■ Task objective ■
Retype only the stretch of lines that starts with the line containing "0 10303 403" and ends with the last line of the records, both included, exactly.

■ Collected data ■

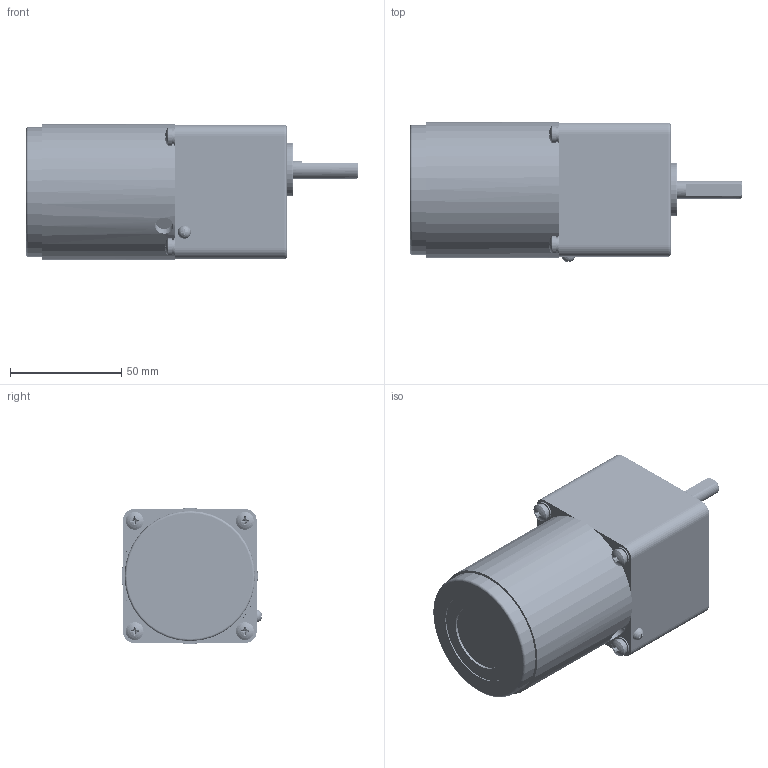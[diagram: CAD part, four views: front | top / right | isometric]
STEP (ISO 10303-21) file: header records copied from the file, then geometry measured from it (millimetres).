
FILE_DESCRIPTION(/* description */ (''),/* implementation_level */ '2;1');
FILE_NAME(/* name */ '60高箱L-6W普通.stp',/* time_stamp */ '2022-10-31T08:29:36+08:00',/* author */ (''),/* organization */ (''),/* preprocessor_version */ 'ST-DEVELOPER v16.7',/* originating_system */ 'SIEMENS PLM Software NX 1899',/* authorisation */ '');
FILE_SCHEMA (('AP203_CONFIGURATION_CONTROLLED_3D_DESIGN_OF_MECHANICAL_PARTS_AND_ASSEMBLIES_MIM_LF { 1 0 10303 403 2 1 2}'));
Products named in the file (1): yf186188FEB6lc1j
Bounding box: 149 x 62.99 x 61 mm (x, y, z)
Volume: 359338.9 mm3; surface area: 46147.6 mm2
Topology: 14 solids, 15 shells, 280 faces, 682 edges, 454 vertices
Faces by surface type: plane 106, bspline 88, cylinder 64, torus 15, sphere 6, cone 1
Full cylindrical faces by diameter (mm): 3 x1, 3.838 x4, 4 x4, 4.3 x4, 6 x5, 8 x9, 8.2 x1, 24 x1, 30 x1, 42 x1, 52.6 x1, 57 x2, 58.5 x1, 61 x1
Entity records: 76556 total; most frequent: CARTESIAN_POINT 70499, ORIENTED_EDGE 1206, DIRECTION 946, EDGE_CURVE 603, VERTEX_POINT 424, AXIS2_PLACEMENT_3D 407, EDGE_LOOP 375, ADVANCED_FACE 280

■ Response box ■
FILE_SCHEMA (('AP203_CONFIGURATION_CONTROLLED_3D_DESIGN_OF_MECHANICAL_PARTS_AND_ASSEMBLIES_MIM_LF { 1 0 10303 403 2 1 2}'));
Products named in the file (1): yf186188FEB6lc1j
Bounding box: 149 x 62.99 x 61 mm (x, y, z)
Volume: 359338.9 mm3; surface area: 46147.6 mm2
Topology: 14 solids, 15 shells, 280 faces, 682 edges, 454 vertices
Faces by surface type: plane 106, bspline 88, cylinder 64, torus 15, sphere 6, cone 1
Full cylindrical faces by diameter (mm): 3 x1, 3.838 x4, 4 x4, 4.3 x4, 6 x5, 8 x9, 8.2 x1, 24 x1, 30 x1, 42 x1, 52.6 x1, 57 x2, 58.5 x1, 61 x1
Entity records: 76556 total; most frequent: CARTESIAN_POINT 70499, ORIENTED_EDGE 1206, DIRECTION 946, EDGE_CURVE 603, VERTEX_POINT 424, AXIS2_PLACEMENT_3D 407, EDGE_LOOP 375, ADVANCED_FACE 280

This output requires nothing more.